The nest of the Carolina Wren is usually placed in a hole in some low decayed tree, or in a fence-stake, sometimes even in the stable, barn or coach-house, should it there find a place suitable for its reception. I have found some not more than two feet from the ground, in the stump of a tree that had long before been felled by the axe. The materials employed in its construction are hay, grasses, leaves, feathers, and horse-hair, or the dry fibres of the Spanish moss; the feathers, hair or moss forming the lining, the coarse materials the outer parts. When the hole is sufficiently large, the nest is not unfrequently five or six inches in depth, although only just wide enough to admit one of the birds at a time. The number of eggs is from five to eight. They are of a broad oval form, greyish-white, sprinkled with reddish-brown. Whilst at Oakley, the residence of my friend James Perrie, Esq. near Bayou Sara, I discovered that one of these birds was in the habit of roosting in a Wood Thrush's nest that was placed on a low horizontal branch, and had been filled with leaves that had fallen during the autumn. It was in the habit of thrusting his body beneath the leaves, and I doubt not found the place very comfortable.

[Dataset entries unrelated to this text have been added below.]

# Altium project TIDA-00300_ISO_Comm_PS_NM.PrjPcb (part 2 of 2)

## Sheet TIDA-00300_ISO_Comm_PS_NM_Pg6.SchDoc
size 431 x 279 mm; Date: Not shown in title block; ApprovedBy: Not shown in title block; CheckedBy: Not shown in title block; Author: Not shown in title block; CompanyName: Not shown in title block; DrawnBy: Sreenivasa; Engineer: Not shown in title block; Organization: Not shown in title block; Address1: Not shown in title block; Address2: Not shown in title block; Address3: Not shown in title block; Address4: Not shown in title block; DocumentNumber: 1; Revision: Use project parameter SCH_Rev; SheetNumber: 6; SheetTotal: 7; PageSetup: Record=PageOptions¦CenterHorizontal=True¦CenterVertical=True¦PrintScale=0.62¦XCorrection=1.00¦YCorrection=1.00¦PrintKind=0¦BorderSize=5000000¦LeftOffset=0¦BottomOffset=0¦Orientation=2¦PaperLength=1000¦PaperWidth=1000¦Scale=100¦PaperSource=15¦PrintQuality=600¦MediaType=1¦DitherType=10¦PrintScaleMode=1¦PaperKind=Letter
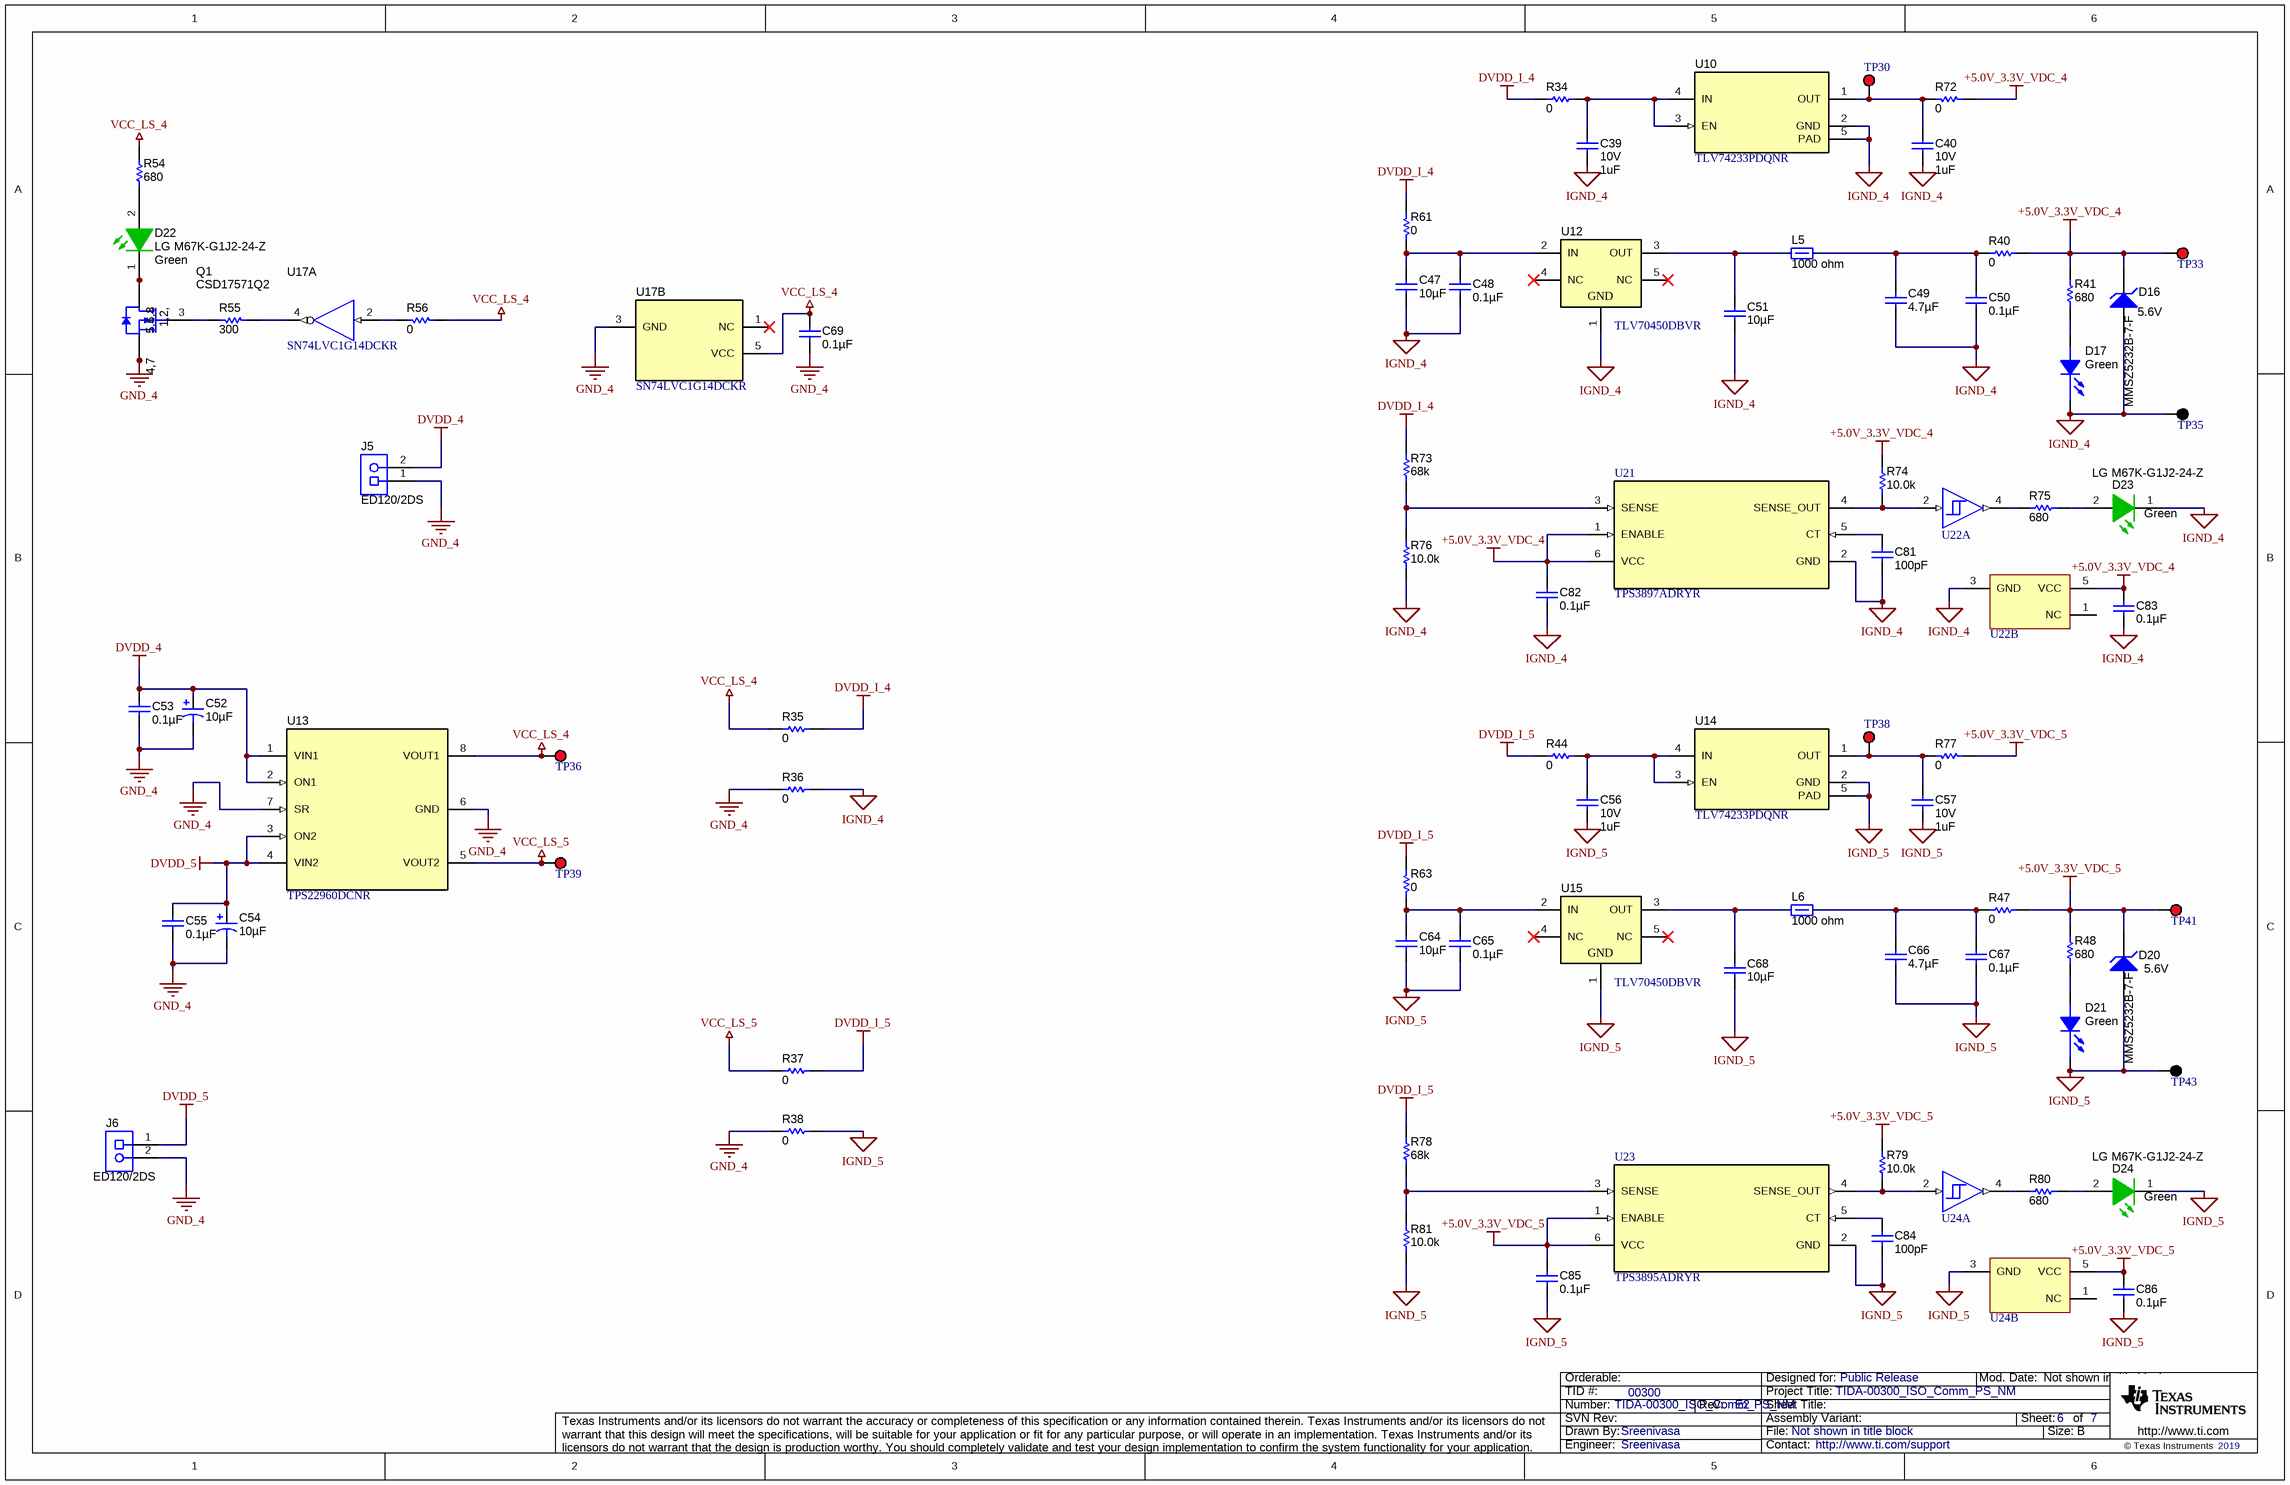
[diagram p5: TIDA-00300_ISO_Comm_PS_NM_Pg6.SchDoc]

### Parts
C39  VDC_V: 10V  ValueDisplayed: 1uF  [0402]  (hidden comment: GRM155R61A105KE15D)
C40  VDC_V: 10V  ValueDisplayed: 1uF  [0402]  (hidden comment: GRM155R61A105KE15D)
C47  ValueDisplayed: 10µF  [1210]
C48  ValueDisplayed: 0.1µF  [0603]
C49  ValueDisplayed: 4.7µF  [0805_HV]
C50  ValueDisplayed: 0.1µF  [0603]
C51  ValueDisplayed: 10µF  [1210]
C52  ValueDisplayed: 10µF  [3528-21]  (hidden comment: T491B106K016AT)
C53  ValueDisplayed: 0.1µF  [0603]
C54  ValueDisplayed: 10µF  [3528-21]  (hidden comment: T491B106K016AT)
C55  ValueDisplayed: 0.1µF  [0603]
C56  VDC_V: 10V  ValueDisplayed: 1uF  [0402]  (hidden comment: GRM155R61A105KE15D)
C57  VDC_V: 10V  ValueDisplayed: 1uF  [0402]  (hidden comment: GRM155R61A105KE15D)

They usually raise two, sometimes three broods in a season. The young soon come out from the nest, and in a few days after creep and hop about with as much nimbleness as the old ones. Their plumage undergoes no change, merely becoming firmer in the colouring.
Many of these birds are destroyed by Weasels and Minxes. It is, notwithstanding, one of the most common birds which we have as resident in Louisiana. They ascend along the shores of the Mississippi as high as the Missouri River, and along the Ohio nearly to Pittsburgh, although they do not occur in great numbers in the neighbourhood of that city. They are common in Georgia, the Carolinas, Kentucky, Ohio and Indiana. A few are to be seen along the Atlantic shores as far as Pennsylvania and New Jersey. In the latter State I have found its nest, near a swamp, a few miles from Philadelphia. I never observed them farther to the eastward.